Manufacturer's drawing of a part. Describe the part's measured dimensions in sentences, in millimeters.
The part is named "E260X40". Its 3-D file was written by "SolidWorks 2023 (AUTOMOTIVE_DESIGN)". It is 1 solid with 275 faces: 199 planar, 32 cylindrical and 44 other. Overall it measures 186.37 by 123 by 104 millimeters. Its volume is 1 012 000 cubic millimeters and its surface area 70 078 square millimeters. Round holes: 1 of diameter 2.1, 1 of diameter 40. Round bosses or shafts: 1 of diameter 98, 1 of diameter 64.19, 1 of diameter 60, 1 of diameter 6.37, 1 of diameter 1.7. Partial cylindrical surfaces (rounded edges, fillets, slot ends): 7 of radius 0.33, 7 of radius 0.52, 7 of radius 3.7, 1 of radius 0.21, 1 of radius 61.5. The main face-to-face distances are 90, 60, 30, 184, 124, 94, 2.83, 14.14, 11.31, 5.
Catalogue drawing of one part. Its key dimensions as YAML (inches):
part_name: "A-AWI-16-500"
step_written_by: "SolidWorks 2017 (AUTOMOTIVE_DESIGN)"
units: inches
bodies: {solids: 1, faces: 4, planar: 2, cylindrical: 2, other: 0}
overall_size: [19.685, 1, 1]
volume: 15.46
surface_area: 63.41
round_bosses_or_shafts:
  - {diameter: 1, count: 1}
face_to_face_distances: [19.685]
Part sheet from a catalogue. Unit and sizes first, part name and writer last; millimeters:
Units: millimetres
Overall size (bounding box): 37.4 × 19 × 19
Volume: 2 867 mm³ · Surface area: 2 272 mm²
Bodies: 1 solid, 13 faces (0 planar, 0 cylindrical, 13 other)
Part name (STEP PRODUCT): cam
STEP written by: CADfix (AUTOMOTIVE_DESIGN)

-- Problem statement --
Return a faithful copy of all the records above.

-- Answer to this problem --
Manufacturer's drawing of a part. Describe the part's measured dimensions in sentences, in millimeters.
The part is named "E260X40". Its 3-D file was written by "SolidWorks 2023 (AUTOMOTIVE_DESIGN)". It is 1 solid with 275 faces: 199 planar, 32 cylindrical and 44 other. Overall it measures 186.37 by 123 by 104 millimeters. Its volume is 1 012 000 cubic millimeters and its surface area 70 078 square millimeters. Round holes: 1 of diameter 2.1, 1 of diameter 40. Round bosses or shafts: 1 of diameter 98, 1 of diameter 64.19, 1 of diameter 60, 1 of diameter 6.37, 1 of diameter 1.7. Partial cylindrical surfaces (rounded edges, fillets, slot ends): 7 of radius 0.33, 7 of radius 0.52, 7 of radius 3.7, 1 of radius 0.21, 1 of radius 61.5. The main face-to-face distances are 90, 60, 30, 184, 124, 94, 2.83, 14.14, 11.31, 5.
Catalogue drawing of one part. Its key dimensions as YAML (inches):
part_name: "A-AWI-16-500"
step_written_by: "SolidWorks 2017 (AUTOMOTIVE_DESIGN)"
units: inches
bodies: {solids: 1, faces: 4, planar: 2, cylindrical: 2, other: 0}
overall_size: [19.685, 1, 1]
volume: 15.46
surface_area: 63.41
round_bosses_or_shafts:
  - {diameter: 1, count: 1}
face_to_face_distances: [19.685]
Part sheet from a catalogue. Unit and sizes first, part name and writer last; millimeters:
Units: millimetres
Overall size (bounding box): 37.4 × 19 × 19
Volume: 2 867 mm³ · Surface area: 2 272 mm²
Bodies: 1 solid, 13 faces (0 planar, 0 cylindrical, 13 other)
Part name (STEP PRODUCT): cam
STEP written by: CADfix (AUTOMOTIVE_DESIGN)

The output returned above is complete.